Exactly as they stand, write out all of the entries again.

(Records from a data source)
^^^^^^^^^^^^^^^^

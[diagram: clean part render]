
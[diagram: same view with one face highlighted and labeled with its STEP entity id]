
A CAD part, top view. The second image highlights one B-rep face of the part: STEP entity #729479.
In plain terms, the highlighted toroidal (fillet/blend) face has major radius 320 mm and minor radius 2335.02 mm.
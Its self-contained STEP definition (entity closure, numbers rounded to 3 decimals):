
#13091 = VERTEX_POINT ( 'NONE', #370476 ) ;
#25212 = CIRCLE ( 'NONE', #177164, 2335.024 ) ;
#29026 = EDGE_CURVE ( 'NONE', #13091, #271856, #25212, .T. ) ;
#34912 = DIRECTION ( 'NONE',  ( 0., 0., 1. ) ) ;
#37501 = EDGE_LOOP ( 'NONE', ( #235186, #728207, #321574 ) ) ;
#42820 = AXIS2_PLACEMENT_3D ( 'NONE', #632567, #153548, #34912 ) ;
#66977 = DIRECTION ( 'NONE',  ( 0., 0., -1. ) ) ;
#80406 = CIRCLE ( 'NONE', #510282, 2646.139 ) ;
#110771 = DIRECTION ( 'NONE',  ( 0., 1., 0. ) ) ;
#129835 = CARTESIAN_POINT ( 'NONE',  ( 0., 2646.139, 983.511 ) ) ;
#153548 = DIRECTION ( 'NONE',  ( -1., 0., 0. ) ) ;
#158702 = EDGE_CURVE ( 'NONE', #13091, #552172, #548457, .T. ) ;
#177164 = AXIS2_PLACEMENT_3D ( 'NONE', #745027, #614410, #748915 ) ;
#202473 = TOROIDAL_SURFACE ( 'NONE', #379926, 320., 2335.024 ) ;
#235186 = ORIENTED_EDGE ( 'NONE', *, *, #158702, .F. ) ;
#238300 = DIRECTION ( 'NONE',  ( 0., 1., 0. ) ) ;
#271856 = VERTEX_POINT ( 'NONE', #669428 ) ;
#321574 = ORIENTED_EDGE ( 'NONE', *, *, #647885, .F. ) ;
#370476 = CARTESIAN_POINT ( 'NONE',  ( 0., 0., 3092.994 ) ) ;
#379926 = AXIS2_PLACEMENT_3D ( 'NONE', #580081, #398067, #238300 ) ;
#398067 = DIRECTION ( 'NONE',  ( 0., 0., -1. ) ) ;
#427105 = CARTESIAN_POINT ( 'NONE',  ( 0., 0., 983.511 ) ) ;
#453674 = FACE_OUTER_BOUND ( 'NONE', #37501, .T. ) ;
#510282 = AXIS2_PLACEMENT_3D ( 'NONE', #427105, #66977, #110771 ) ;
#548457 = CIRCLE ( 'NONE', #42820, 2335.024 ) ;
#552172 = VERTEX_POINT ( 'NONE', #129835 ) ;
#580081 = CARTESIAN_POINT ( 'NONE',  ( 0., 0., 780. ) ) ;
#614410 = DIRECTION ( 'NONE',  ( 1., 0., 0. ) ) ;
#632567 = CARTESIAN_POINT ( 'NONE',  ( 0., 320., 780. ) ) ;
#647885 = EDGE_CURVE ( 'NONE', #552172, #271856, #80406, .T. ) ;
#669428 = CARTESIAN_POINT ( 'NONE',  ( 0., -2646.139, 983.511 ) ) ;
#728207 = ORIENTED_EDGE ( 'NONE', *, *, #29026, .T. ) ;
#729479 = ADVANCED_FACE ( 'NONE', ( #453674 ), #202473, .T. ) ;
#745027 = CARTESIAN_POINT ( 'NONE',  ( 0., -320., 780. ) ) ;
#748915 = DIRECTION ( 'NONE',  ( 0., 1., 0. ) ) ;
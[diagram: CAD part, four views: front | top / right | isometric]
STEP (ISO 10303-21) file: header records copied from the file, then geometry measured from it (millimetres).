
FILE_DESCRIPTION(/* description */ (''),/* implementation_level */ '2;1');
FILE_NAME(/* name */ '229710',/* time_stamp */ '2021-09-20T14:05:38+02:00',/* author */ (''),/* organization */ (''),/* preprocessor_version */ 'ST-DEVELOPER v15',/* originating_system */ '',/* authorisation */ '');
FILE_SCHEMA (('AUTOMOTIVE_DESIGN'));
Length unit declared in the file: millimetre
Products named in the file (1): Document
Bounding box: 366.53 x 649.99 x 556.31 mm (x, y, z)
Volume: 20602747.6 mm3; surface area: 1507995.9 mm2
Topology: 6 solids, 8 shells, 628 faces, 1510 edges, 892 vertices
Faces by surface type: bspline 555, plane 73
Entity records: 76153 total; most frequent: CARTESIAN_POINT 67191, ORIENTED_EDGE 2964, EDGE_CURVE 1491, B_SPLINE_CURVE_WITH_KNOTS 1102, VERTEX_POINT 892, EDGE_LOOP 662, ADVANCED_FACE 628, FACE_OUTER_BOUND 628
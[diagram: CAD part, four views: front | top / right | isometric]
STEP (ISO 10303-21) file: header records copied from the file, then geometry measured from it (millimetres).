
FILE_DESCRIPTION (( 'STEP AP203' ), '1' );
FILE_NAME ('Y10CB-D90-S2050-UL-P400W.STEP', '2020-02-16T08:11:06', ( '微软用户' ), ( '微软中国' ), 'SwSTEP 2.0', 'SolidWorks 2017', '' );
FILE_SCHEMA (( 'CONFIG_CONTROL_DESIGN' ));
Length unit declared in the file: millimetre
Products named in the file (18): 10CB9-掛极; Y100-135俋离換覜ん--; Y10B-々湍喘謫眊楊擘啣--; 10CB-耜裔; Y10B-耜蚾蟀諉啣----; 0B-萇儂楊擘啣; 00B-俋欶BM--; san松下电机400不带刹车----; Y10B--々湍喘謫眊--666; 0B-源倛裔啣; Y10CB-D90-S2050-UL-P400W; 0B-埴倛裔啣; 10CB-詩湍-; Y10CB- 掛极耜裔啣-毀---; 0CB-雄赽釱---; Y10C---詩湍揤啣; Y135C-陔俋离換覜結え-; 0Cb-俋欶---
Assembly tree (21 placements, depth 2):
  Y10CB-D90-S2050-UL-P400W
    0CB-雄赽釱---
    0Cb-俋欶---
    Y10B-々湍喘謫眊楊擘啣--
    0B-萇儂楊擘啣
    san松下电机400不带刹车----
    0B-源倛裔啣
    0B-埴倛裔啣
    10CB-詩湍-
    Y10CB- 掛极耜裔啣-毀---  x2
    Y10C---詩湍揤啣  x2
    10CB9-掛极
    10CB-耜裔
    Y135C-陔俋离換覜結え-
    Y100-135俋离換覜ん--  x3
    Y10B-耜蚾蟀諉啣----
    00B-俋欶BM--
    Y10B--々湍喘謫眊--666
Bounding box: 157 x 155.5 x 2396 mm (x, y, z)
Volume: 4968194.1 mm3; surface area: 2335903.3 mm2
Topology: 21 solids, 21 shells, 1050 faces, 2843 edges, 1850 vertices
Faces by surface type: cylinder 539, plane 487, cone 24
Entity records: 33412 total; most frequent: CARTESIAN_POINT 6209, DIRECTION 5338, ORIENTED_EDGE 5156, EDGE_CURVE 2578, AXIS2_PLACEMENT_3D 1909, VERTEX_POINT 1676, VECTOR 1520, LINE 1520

^^^^^^^^^^^^^^^^

● Result:
[diagram: clean part render]
[diagram: same view with one face highlighted and labeled with its STEP entity id]
A CAD part, top view. The second image highlights one B-rep face of the part: STEP entity #729479.
In plain terms, the highlighted toroidal (fillet/blend) face has major radius 320 mm and minor radius 2335.02 mm.
Its self-contained STEP definition (entity closure, numbers rounded to 3 decimals):
#13091 = VERTEX_POINT ( 'NONE', #370476 ) ;
#25212 = CIRCLE ( 'NONE', #177164, 2335.024 ) ;
#29026 = EDGE_CURVE ( 'NONE', #13091, #271856, #25212, .T. ) ;
#34912 = DIRECTION ( 'NONE',  ( 0., 0., 1. ) ) ;
#37501 = EDGE_LOOP ( 'NONE', ( #235186, #728207, #321574 ) ) ;
#42820 = AXIS2_PLACEMENT_3D ( 'NONE', #632567, #153548, #34912 ) ;
#66977 = DIRECTION ( 'NONE',  ( 0., 0., -1. ) ) ;
#80406 = CIRCLE ( 'NONE', #510282, 2646.139 ) ;
#110771 = DIRECTION ( 'NONE',  ( 0., 1., 0. ) ) ;
#129835 = CARTESIAN_POINT ( 'NONE',  ( 0., 2646.139, 983.511 ) ) ;
#153548 = DIRECTION ( 'NONE',  ( -1., 0., 0. ) ) ;
#158702 = EDGE_CURVE ( 'NONE', #13091, #552172, #548457, .T. ) ;
#177164 = AXIS2_PLACEMENT_3D ( 'NONE', #745027, #614410, #748915 ) ;
#202473 = TOROIDAL_SURFACE ( 'NONE', #379926, 320., 2335.024 ) ;
#235186 = ORIENTED_EDGE ( 'NONE', *, *, #158702, .F. ) ;
#238300 = DIRECTION ( 'NONE',  ( 0., 1., 0. ) ) ;
#271856 = VERTEX_POINT ( 'NONE', #669428 ) ;
#321574 = ORIENTED_EDGE ( 'NONE', *, *, #647885, .F. ) ;
#370476 = CARTESIAN_POINT ( 'NONE',  ( 0., 0., 3092.994 ) ) ;
#379926 = AXIS2_PLACEMENT_3D ( 'NONE', #580081, #398067, #238300 ) ;
#398067 = DIRECTION ( 'NONE',  ( 0., 0., -1. ) ) ;
#427105 = CARTESIAN_POINT ( 'NONE',  ( 0., 0., 983.511 ) ) ;
#453674 = FACE_OUTER_BOUND ( 'NONE', #37501, .T. ) ;
#510282 = AXIS2_PLACEMENT_3D ( 'NONE', #427105, #66977, #110771 ) ;
#548457 = CIRCLE ( 'NONE', #42820, 2335.024 ) ;
#552172 = VERTEX_POINT ( 'NONE', #129835 ) ;
#580081 = CARTESIAN_POINT ( 'NONE',  ( 0., 0., 780. ) ) ;
#614410 = DIRECTION ( 'NONE',  ( 1., 0., 0. ) ) ;
#632567 = CARTESIAN_POINT ( 'NONE',  ( 0., 320., 780. ) ) ;
#647885 = EDGE_CURVE ( 'NONE', #552172, #271856, #80406, .T. ) ;
#669428 = CARTESIAN_POINT ( 'NONE',  ( 0., -2646.139, 983.511 ) ) ;
#728207 = ORIENTED_EDGE ( 'NONE', *, *, #29026, .T. ) ;
#729479 = ADVANCED_FACE ( 'NONE', ( #453674 ), #202473, .T. ) ;
#745027 = CARTESIAN_POINT ( 'NONE',  ( 0., -320., 780. ) ) ;
#748915 = DIRECTION ( 'NONE',  ( 0., 1., 0. ) ) ;
[diagram: CAD part, four views: front | top / right | isometric]
STEP (ISO 10303-21) file: header records copied from the file, then geometry measured from it (millimetres).
FILE_DESCRIPTION(/* description */ (''),/* implementation_level */ '2;1');
FILE_NAME(/* name */ '229710',/* time_stamp */ '2021-09-20T14:05:38+02:00',/* author */ (''),/* organization */ (''),/* preprocessor_version */ 'ST-DEVELOPER v15',/* originating_system */ '',/* authorisation */ '');
FILE_SCHEMA (('AUTOMOTIVE_DESIGN'));
Length unit declared in the file: millimetre
Products named in the file (1): Document
Bounding box: 366.53 x 649.99 x 556.31 mm (x, y, z)
Volume: 20602747.6 mm3; surface area: 1507995.9 mm2
Topology: 6 solids, 8 shells, 628 faces, 1510 edges, 892 vertices
Faces by surface type: bspline 555, plane 73
Entity records: 76153 total; most frequent: CARTESIAN_POINT 67191, ORIENTED_EDGE 2964, EDGE_CURVE 1491, B_SPLINE_CURVE_WITH_KNOTS 1102, VERTEX_POINT 892, EDGE_LOOP 662, ADVANCED_FACE 628, FACE_OUTER_BOUND 628
[diagram: CAD part, four views: front | top / right | isometric]
STEP (ISO 10303-21) file: header records copied from the file, then geometry measured from it (millimetres).
FILE_DESCRIPTION (( 'STEP AP203' ), '1' );
FILE_NAME ('Y10CB-D90-S2050-UL-P400W.STEP', '2020-02-16T08:11:06', ( '微软用户' ), ( '微软中国' ), 'SwSTEP 2.0', 'SolidWorks 2017', '' );
FILE_SCHEMA (( 'CONFIG_CONTROL_DESIGN' ));
Length unit declared in the file: millimetre
Products named in the file (18): 10CB9-掛极; Y100-135俋离換覜ん--; Y10B-々湍喘謫眊楊擘啣--; 10CB-耜裔; Y10B-耜蚾蟀諉啣----; 0B-萇儂楊擘啣; 00B-俋欶BM--; san松下电机400不带刹车----; Y10B--々湍喘謫眊--666; 0B-源倛裔啣; Y10CB-D90-S2050-UL-P400W; 0B-埴倛裔啣; 10CB-詩湍-; Y10CB- 掛极耜裔啣-毀---; 0CB-雄赽釱---; Y10C---詩湍揤啣; Y135C-陔俋离換覜結え-; 0Cb-俋欶---
Assembly tree (21 placements, depth 2):
  Y10CB-D90-S2050-UL-P400W
    0CB-雄赽釱---
    0Cb-俋欶---
    Y10B-々湍喘謫眊楊擘啣--
    0B-萇儂楊擘啣
    san松下电机400不带刹车----
    0B-源倛裔啣
    0B-埴倛裔啣
    10CB-詩湍-
    Y10CB- 掛极耜裔啣-毀---  x2
    Y10C---詩湍揤啣  x2
    10CB9-掛极
    10CB-耜裔
    Y135C-陔俋离換覜結え-
    Y100-135俋离換覜ん--  x3
    Y10B-耜蚾蟀諉啣----
    00B-俋欶BM--
    Y10B--々湍喘謫眊--666
Bounding box: 157 x 155.5 x 2396 mm (x, y, z)
Volume: 4968194.1 mm3; surface area: 2335903.3 mm2
Topology: 21 solids, 21 shells, 1050 faces, 2843 edges, 1850 vertices
Faces by surface type: cylinder 539, plane 487, cone 24
Entity records: 33412 total; most frequent: CARTESIAN_POINT 6209, DIRECTION 5338, ORIENTED_EDGE 5156, EDGE_CURVE 2578, AXIS2_PLACEMENT_3D 1909, VERTEX_POINT 1676, VECTOR 1520, LINE 1520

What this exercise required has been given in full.